(Records to process begins)

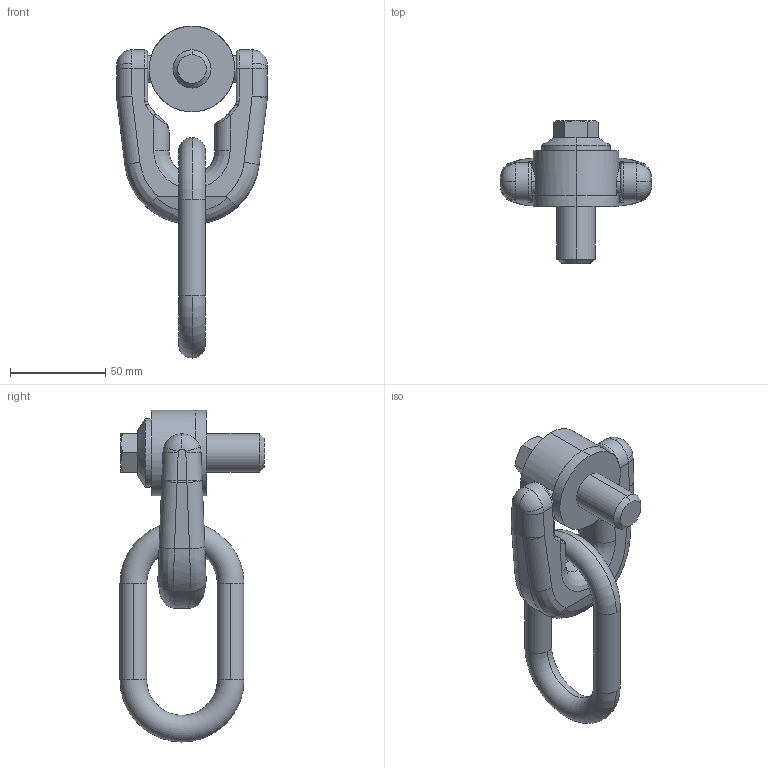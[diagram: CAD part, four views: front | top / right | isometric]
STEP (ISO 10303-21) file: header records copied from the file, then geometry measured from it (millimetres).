
FILE_DESCRIPTION (( 'STEP AP203' ), '1' );
FILE_NAME ('63150.W0020.step', '2013-12-13T11:51:56', ( 'User' ), ( '' ), 'SwSTEP 2.0', 'SolidWorks 2009', '' );
FILE_SCHEMA (( 'CONFIG_CONTROL_DESIGN' ));
Length unit declared in the file: millimetre
Products named in the file (4): 63150.W0020; Part1_63150.W0020; Part2B; Part3_63150.W0020
Assembly tree (3 placements, depth 2):
  63150.W0020
    Part1_63150.W0020
    Part3_63150.W0020
    Part2B
Bounding box: 79 x 75.5 x 174 mm (x, y, z)
Volume: 182584.7 mm3; surface area: 39202.8 mm2
Topology: 3 solids, 3 shells, 133 faces, 317 edges, 190 vertices
Faces by surface type: cylinder 41, plane 33, bspline 33, torus 12, cone 10, sphere 4
Entity records: 5940 total; most frequent: CARTESIAN_POINT 2688, ORIENTED_EDGE 630, DIRECTION 574, EDGE_CURVE 315, AXIS2_PLACEMENT_3D 233, VERTEX_POINT 190, EDGE_LOOP 139, ADVANCED_FACE 133

(Records to process ends)

> **What the task requires**
Write out exactly those lines of the records above that lie from the one with "STEP (ISO 10303-21)" through the last line, including both.

> **Your response**
STEP (ISO 10303-21) file: header records copied from the file, then geometry measured from it (millimetres).
FILE_DESCRIPTION (( 'STEP AP203' ), '1' );
FILE_NAME ('63150.W0020.step', '2013-12-13T11:51:56', ( 'User' ), ( '' ), 'SwSTEP 2.0', 'SolidWorks 2009', '' );
FILE_SCHEMA (( 'CONFIG_CONTROL_DESIGN' ));
Length unit declared in the file: millimetre
Products named in the file (4): 63150.W0020; Part1_63150.W0020; Part2B; Part3_63150.W0020
Assembly tree (3 placements, depth 2):
  63150.W0020
    Part1_63150.W0020
    Part3_63150.W0020
    Part2B
Bounding box: 79 x 75.5 x 174 mm (x, y, z)
Volume: 182584.7 mm3; surface area: 39202.8 mm2
Topology: 3 solids, 3 shells, 133 faces, 317 edges, 190 vertices
Faces by surface type: cylinder 41, plane 33, bspline 33, torus 12, cone 10, sphere 4
Entity records: 5940 total; most frequent: CARTESIAN_POINT 2688, ORIENTED_EDGE 630, DIRECTION 574, EDGE_CURVE 315, AXIS2_PLACEMENT_3D 233, VERTEX_POINT 190, EDGE_LOOP 139, ADVANCED_FACE 133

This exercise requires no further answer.